# Temp layout Phase III



## imatt88 (Jan 31, 2010)

Hey all,

Phase III has begun.....

This time the plywood is actually a complete 4'X8" sheet, and the track is secured to the board.....



















The saga continues.....


----------



## tjcruiser (Jan 10, 2010)

Hey Matt,

Looks like a nice basement "me" space!

It looks to me like your plywood is actually OSB ... oriented strand board. Think about what/how you intend to finish the surface of this ... paint? grass fibers? etc? If you paint the OSB, you'll still see the wood chip pattern. You might consider putting down a thin sheet (1/4") of MDF on top of the "plywood" ... it's not expensive (probably around $15 at Home Depot), and has a very smooth surface that's easily painted, finished, etc.

Good luck!

TJ


----------



## imatt88 (Jan 31, 2010)

TJ,

Yup, its OSB. I'm actually not sure how I want to cover it yet.

I'm still not convinced that this is the way I want to set up my track as well, but I'll live with it for now

What, exactly is MDF?

Cheers, Ian


----------



## tjcruiser (Jan 10, 2010)

MDF = Medium Density Fiberboard ... essentially super-fine sawdust pressed together with resin into a very dense and (most importantly) very smooth sheet surface. It cuts and mills nicely ... woodworkers enjoy using it for cabinetry that they know will be painted. It's very dimensionally stable (won't warp, twist with changes in temp and humidity). And, it's cheap.

Downside, though ... not as strong as solid wood or plywood. Doesn't like getting wet.

But for a model train layout, it gives a nice, smooth surface as a "first layer" for a layout.

I suggested 1/4" sheet, which you could lay on top of your OSB. You can also get 1/2" and 3/4" MDF ... the latter is strong (and stiff) enough to support itself over some span.

Now, all of this could be moot if you're thinking building up a 3D layout with foam, hills, tunnels, etc. at some point.

But, hey ... that's the fun of the hobby ... creating something that's just right for you!

Have fun!

TJ


----------



## bradimous1 (Mar 3, 2010)

Woodland Scenic makes a pretty nice looking ground cover. You can buy them to fit a 4x5 layout. I am going to put it down and then build over top of it. My play is that after I build over top of it, it will eliminate any need to go back and fill in any bare spots.

http://www.walthers.com/exec/productinfo/785-4161

not too expensive and your local train shop probably carries it.

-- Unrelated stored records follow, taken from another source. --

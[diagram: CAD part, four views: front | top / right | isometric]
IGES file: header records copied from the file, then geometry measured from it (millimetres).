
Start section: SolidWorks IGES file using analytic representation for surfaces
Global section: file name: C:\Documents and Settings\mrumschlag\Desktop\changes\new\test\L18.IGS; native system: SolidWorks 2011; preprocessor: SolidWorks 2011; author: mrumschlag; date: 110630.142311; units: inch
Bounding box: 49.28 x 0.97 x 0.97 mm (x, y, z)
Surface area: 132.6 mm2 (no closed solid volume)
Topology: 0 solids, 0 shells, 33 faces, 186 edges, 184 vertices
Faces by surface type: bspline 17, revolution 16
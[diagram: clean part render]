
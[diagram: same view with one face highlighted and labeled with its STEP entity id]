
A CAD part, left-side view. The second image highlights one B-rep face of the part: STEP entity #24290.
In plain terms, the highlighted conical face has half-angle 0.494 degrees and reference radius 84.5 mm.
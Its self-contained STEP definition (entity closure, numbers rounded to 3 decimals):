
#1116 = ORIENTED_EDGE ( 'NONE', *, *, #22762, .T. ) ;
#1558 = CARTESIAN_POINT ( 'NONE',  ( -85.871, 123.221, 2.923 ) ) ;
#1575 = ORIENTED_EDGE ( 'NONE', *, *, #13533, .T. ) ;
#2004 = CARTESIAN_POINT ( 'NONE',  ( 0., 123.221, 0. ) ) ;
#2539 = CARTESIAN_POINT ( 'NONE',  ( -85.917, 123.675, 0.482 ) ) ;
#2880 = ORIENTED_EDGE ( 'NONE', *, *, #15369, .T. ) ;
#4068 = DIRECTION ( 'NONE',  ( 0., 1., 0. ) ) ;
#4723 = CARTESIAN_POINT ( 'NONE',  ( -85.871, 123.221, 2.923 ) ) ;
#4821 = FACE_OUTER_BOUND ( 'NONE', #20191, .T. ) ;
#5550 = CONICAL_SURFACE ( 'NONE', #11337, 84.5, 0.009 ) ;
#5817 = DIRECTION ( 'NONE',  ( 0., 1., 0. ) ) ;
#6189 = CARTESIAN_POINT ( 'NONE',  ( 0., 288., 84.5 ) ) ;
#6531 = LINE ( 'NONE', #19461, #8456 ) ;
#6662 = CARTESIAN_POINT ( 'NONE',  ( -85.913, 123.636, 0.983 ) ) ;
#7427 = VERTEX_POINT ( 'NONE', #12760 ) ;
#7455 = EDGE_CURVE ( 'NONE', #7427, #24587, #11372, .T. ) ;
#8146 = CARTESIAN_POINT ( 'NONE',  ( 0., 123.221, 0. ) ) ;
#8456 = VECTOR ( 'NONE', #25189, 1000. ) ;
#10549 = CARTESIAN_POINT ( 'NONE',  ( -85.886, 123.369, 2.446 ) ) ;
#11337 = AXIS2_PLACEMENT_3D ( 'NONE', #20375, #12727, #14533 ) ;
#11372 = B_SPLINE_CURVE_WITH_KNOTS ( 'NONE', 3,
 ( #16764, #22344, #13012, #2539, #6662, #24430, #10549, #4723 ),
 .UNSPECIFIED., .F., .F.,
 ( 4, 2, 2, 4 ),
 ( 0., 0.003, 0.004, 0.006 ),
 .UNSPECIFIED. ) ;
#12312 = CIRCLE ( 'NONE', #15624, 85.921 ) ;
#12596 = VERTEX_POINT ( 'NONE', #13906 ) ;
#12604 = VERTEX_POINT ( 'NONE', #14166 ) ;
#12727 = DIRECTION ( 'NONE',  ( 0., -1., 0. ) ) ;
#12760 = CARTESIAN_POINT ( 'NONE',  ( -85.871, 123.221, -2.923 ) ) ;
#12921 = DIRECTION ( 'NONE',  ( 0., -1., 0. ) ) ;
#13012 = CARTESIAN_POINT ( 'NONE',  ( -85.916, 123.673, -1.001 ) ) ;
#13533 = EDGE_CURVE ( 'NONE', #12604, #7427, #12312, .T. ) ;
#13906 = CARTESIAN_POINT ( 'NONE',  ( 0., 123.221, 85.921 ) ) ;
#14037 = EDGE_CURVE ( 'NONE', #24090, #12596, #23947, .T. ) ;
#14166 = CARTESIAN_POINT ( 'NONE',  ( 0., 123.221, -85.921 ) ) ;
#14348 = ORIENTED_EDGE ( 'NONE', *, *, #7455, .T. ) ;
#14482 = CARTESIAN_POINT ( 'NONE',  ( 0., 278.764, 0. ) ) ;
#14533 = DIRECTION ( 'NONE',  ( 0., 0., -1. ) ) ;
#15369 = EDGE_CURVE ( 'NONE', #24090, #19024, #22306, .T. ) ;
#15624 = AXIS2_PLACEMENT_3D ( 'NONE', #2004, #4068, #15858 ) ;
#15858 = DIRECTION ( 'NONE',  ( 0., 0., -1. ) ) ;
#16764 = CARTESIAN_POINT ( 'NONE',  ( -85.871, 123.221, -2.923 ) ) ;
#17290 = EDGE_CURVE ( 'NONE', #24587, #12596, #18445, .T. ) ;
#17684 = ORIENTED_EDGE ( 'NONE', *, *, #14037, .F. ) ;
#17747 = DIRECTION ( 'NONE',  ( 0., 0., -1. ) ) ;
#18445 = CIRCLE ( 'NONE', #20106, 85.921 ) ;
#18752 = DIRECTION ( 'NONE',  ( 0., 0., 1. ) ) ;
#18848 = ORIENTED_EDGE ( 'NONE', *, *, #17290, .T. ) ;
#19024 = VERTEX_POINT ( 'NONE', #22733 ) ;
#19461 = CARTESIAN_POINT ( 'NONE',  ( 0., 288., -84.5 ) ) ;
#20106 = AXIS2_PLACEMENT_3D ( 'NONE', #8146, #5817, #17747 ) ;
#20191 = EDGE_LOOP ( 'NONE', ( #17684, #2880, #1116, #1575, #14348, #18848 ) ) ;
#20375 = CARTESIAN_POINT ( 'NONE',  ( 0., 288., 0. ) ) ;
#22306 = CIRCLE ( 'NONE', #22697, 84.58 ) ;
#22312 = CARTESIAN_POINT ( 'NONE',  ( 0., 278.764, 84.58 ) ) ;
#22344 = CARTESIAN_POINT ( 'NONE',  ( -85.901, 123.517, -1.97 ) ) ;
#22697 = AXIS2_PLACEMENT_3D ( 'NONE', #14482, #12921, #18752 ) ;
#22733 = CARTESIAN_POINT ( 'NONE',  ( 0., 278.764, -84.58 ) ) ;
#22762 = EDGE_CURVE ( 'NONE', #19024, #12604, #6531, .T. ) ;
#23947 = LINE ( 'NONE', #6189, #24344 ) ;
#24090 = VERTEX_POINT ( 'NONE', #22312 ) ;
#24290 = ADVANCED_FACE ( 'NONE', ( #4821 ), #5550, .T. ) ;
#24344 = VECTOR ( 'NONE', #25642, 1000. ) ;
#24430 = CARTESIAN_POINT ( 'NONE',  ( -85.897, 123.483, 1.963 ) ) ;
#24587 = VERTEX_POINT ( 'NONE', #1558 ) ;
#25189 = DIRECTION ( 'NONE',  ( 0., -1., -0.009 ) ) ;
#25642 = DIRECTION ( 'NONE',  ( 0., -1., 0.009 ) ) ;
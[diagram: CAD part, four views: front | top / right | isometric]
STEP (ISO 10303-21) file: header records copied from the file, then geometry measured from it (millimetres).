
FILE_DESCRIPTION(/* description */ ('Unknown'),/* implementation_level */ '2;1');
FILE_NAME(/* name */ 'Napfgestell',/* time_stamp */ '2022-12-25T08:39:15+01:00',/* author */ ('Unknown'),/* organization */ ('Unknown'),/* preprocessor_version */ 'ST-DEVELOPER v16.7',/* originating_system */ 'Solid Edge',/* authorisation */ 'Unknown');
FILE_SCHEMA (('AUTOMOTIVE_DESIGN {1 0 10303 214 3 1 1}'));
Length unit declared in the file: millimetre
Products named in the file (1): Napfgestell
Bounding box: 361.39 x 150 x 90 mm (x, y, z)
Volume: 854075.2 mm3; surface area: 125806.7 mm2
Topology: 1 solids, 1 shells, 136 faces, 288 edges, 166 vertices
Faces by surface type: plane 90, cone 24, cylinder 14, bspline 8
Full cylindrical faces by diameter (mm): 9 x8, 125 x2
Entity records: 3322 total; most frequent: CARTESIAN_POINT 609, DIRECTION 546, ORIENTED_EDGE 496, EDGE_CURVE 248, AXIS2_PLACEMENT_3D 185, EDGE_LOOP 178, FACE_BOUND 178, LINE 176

Of course, I am about as far as you are Matt, so this isn't proven or anything, just think it might be a fairly easy way to get it done.


Good luck!!!


----------



## tjcruiser (Jan 10, 2010)

Brad,

Good tip. You can get sheets that will cover a 4x8 layout, too:

http://www.walthers.com/exec/productinfo/785-5121

They do a nice job of making the "grass" look real, and adhering the little particles to the underlying mat. Also, you can remove sections of "grass" by wetting and scraping (check with the specific mfr instructions, though) to make paths for roads, sidewalks, etc.

TJ


----------



## bradimous1 (Mar 3, 2010)

haha... my bad. I actually meant to say 4x8, not 4x5. Guess I not only said the wrong thing, but put the wrong link up. thanks

next week is really big... I am going to be building my table. I think that I can get the framing done in one weekend, but could be way off.


----------



## imatt88 (Jan 31, 2010)

I would like to see this grass covering "in action" Does it have to be glued down?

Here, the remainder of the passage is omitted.